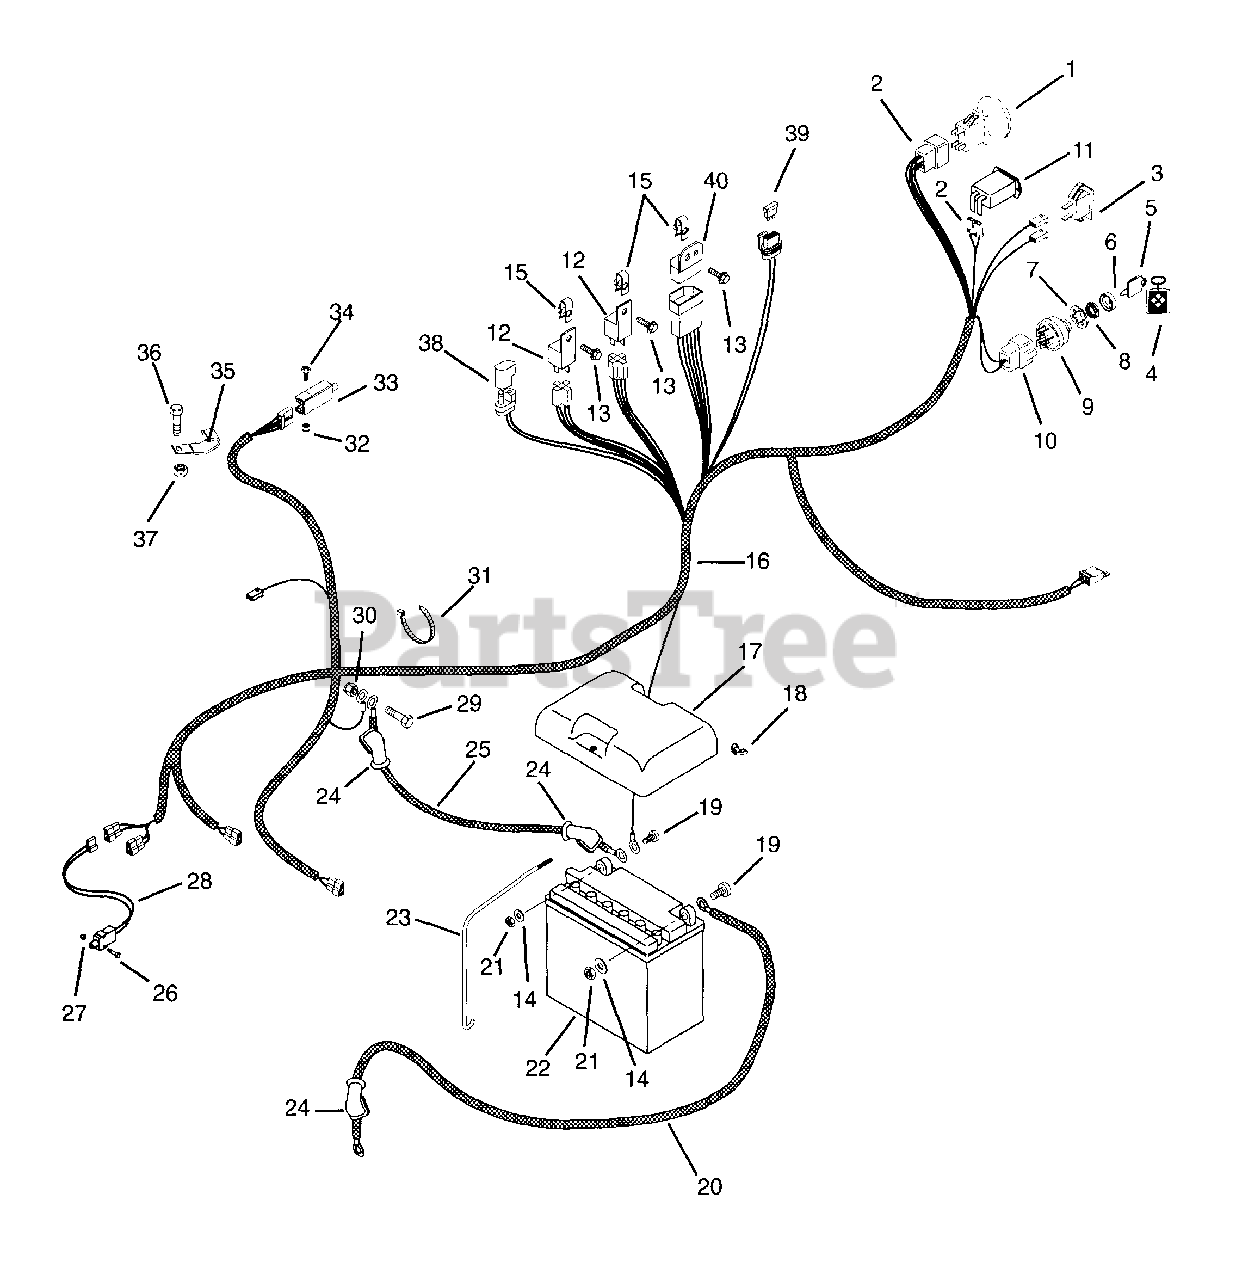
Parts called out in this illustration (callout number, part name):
1	Switch-Clutch with Retainer Ring
2	Terminal
3	Light-Indicator
4	Key Chain
5	Ignition Switch Key
6	Cap-Ignition Switch
7	Nut-Panel .562-24
8	Washer-Lock-Internal .563 x .040
9	Key Switch
10	Connector
11	Hour Meter
12	Relay
13	Screw-Machine 10-24 x .75 Hex Washer Head
14	Washer-Flat-Steel .281 x .620 x .065
15	Retainer Nut 10-24
16	Harness-Wiring
17	Cover-Battery
18	Nut-Locking-Wing .250-20
19	Bolt-Hex .25-20 x .75 Grade 5
20	Cable-Starter
21	Nut-Hex .25-20
23	Rod-Battery
24	Boot-Insulator
25	Cable-Negative Battery
26	Screw-Machine 6-32 x .75
27	Nut-Locking-Nylon 6-32 w/Insert
28	Switch
29	Bolt-Hex .31-18 x 1.00 Grade 5
30	Nut-Locking-Center .31-18
31	Tie-Wrap-Black
32	Nut-Locking-Nylon 10-24 w/Insert
33	Switch-Single Pole N.O.
34	Screw-Machine .38-7.0
36	Bolt-Hex .38-16 x 1.00 Grade 5
37	Nut-Locking-Center .38-16
38	Molded Diode Plug
39	Fuse, 30 Amp
40	Module, Time Delay
━━━━━━━━━━━━━━━━━━━━━━━━━━━━━━
# [What is being asked]
Omit the pictures and copy the records above exactly.

# [Your solution]
Parts called out in this illustration (callout number, part name):
1	Switch-Clutch with Retainer Ring
2	Terminal
3	Light-Indicator
4	Key Chain
5	Ignition Switch Key
6	Cap-Ignition Switch
7	Nut-Panel .562-24
8	Washer-Lock-Internal .563 x .040
9	Key Switch
10	Connector
11	Hour Meter
12	Relay
13	Screw-Machine 10-24 x .75 Hex Washer Head
14	Washer-Flat-Steel .281 x .620 x .065
15	Retainer Nut 10-24
16	Harness-Wiring
17	Cover-Battery
18	Nut-Locking-Wing .250-20
19	Bolt-Hex .25-20 x .75 Grade 5
20	Cable-Starter
21	Nut-Hex .25-20
23	Rod-Battery
24	Boot-Insulator
25	Cable-Negative Battery
26	Screw-Machine 6-32 x .75
27	Nut-Locking-Nylon 6-32 w/Insert
28	Switch
29	Bolt-Hex .31-18 x 1.00 Grade 5
30	Nut-Locking-Center .31-18
31	Tie-Wrap-Black
32	Nut-Locking-Nylon 10-24 w/Insert
33	Switch-Single Pole N.O.
34	Screw-Machine .38-7.0
36	Bolt-Hex .38-16 x 1.00 Grade 5
37	Nut-Locking-Center .38-16
38	Molded Diode Plug
39	Fuse, 30 Amp
40	Module, Time Delay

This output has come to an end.